▶ _TASK DESCRIPTION_: Each record below should be reproduced as it is written, with pictures left out entirely.

▶ _DATA FOR THIS TASK_:
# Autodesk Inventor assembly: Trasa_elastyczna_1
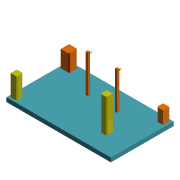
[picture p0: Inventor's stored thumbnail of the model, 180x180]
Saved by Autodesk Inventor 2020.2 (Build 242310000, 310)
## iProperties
Created: 2014-08
Part Number: Trasa_elastyczna_1
Document SubType Name: Assembly
Designer: F.Stasiak
Catalog Web Link: www.expertbooks.pl
Manager: www.cadconsulting.pl
Company: Fabian Stasiak CAD Consulting
Author: F.Stasiak
Subject: Zbiór ćwiczeń. Autodesk Inventor 2020. Kurs Professional
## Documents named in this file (2)
- C:\2020_Kurs_Professional\R1 Rury\Trasa_elastyczna_1.iam
- C:\2020_Kurs_Professional\R1 Rury\Konstrukcja_elastyczna_1.ipt
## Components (1 placed, 1 different names)
1. Konstrukcja_elastyczna_1:1

▶ _SOLUTION TO THIS EXERCISE_:
# Autodesk Inventor assembly: Trasa_elastyczna_1
[picture p0: Inventor's stored thumbnail of the model, 180x180]
Saved by Autodesk Inventor 2020.2 (Build 242310000, 310)
## iProperties
Created: 2014-08
Part Number: Trasa_elastyczna_1
Document SubType Name: Assembly
Designer: F.Stasiak
Catalog Web Link: www.expertbooks.pl
Manager: www.cadconsulting.pl
Company: Fabian Stasiak CAD Consulting
Author: F.Stasiak
Subject: Zbiór ćwiczeń. Autodesk Inventor 2020. Kurs Professional
## Documents named in this file (2)
- C:\2020_Kurs_Professional\R1 Rury\Trasa_elastyczna_1.iam
- C:\2020_Kurs_Professional\R1 Rury\Konstrukcja_elastyczna_1.ipt
## Components (1 placed, 1 different names)
1. Konstrukcja_elastyczna_1:1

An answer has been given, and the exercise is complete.